Her father met Chase’s eyes, and he nodded once, slowly. “I should have told you all of this long before, but I thought we’d outsmarted them. I thought we’d cheated the Red God.
“I was wrong.”
He took a long, weary breath before he continued.
“There are five Sacred Martyrs somewhere in the town. The first Slayer to collect all five of their spirit tokens and deliver them to the Temple of Bones is the victor of the Nightmare Game.”

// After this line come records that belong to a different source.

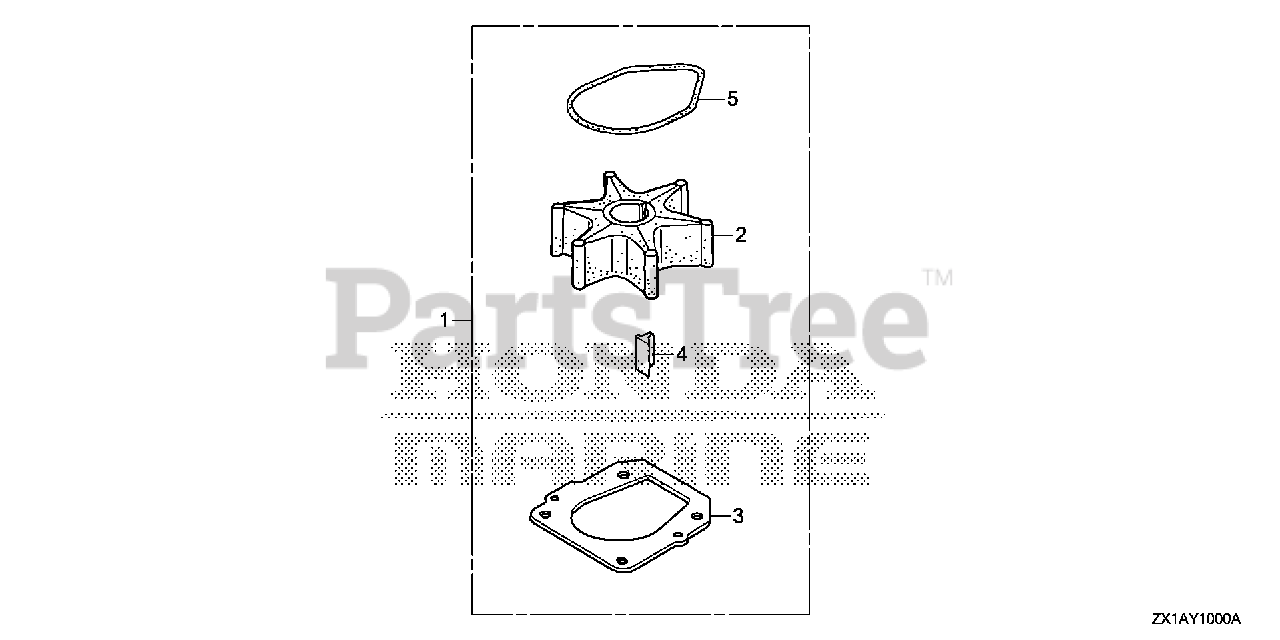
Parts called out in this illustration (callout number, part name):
1	PUMP KIT, IMPELLER
2	IMPELLER, PUMP
3	GASKET B, IMPELLER
4	KEY, WOODRUFF
5	O-RING, WATER PUMP
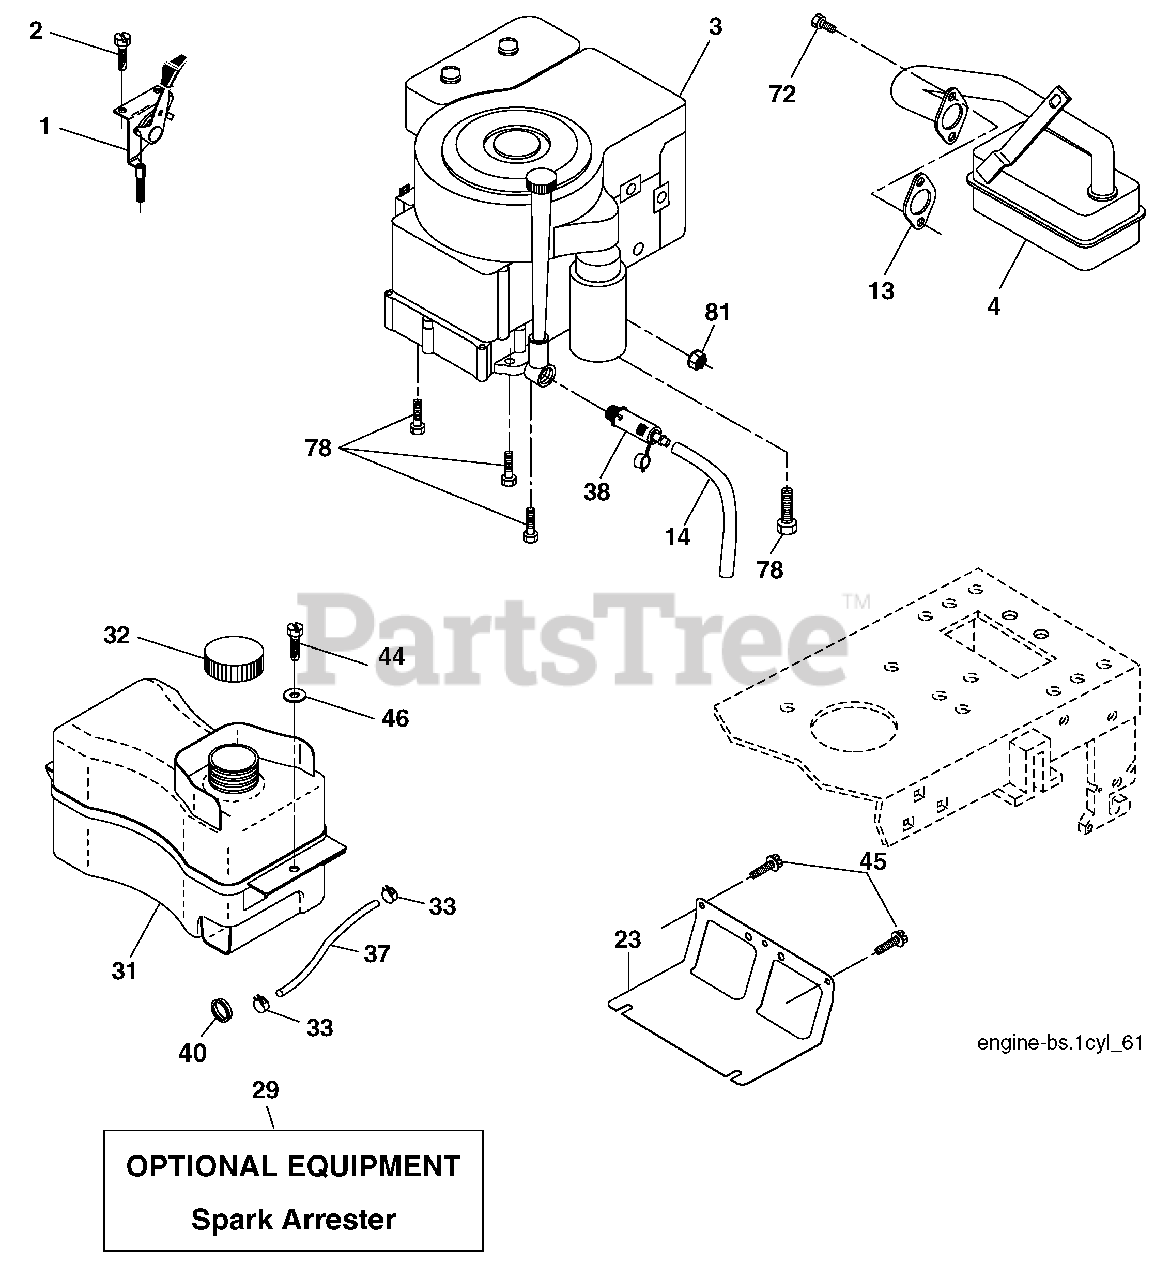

Chase’s mind reeled at the words tumbling out of her father’s mouth. She remembered them from the murder manual. All that craziness, all of it, was true. She struggled to wrap her mind around the madness spilling out of her father’s mouth.
“The Sleepers will try to stop you, they always do,” Jack continued, straining to focus and deliver the words his daughter needed to survive. “Kill them if you have to. Putting them down will make you stronger, but you have to be careful. Their souls are poisoned, and if you take too much of their strength into you, you’ll lose yourself.
“I’m so sorry, Chase. I should have told you this long ago.”
“Dad, please,” Chase begged. “This is insane. I can’t just start killing people because of some game.”
Jack Harrow raised his head to meet his daughter’s gaze, and a slow, broken smile spread across the pumpkin skull mask plastered to his face. “It’s time to let the beast off its leash, Chase. It’s time to be who you really are. Who you’ve always been. Let it help you like it did in Austin.
“Don't hide from your rage, Chase. Embrace it. When the time comes, the mask will answer your call.”
His eyes fluttered, and his breathing dropped to a ragged, unsteady gasping. Jack Harrow’s head drooped, and Chase knew the last of his energy was almost gone.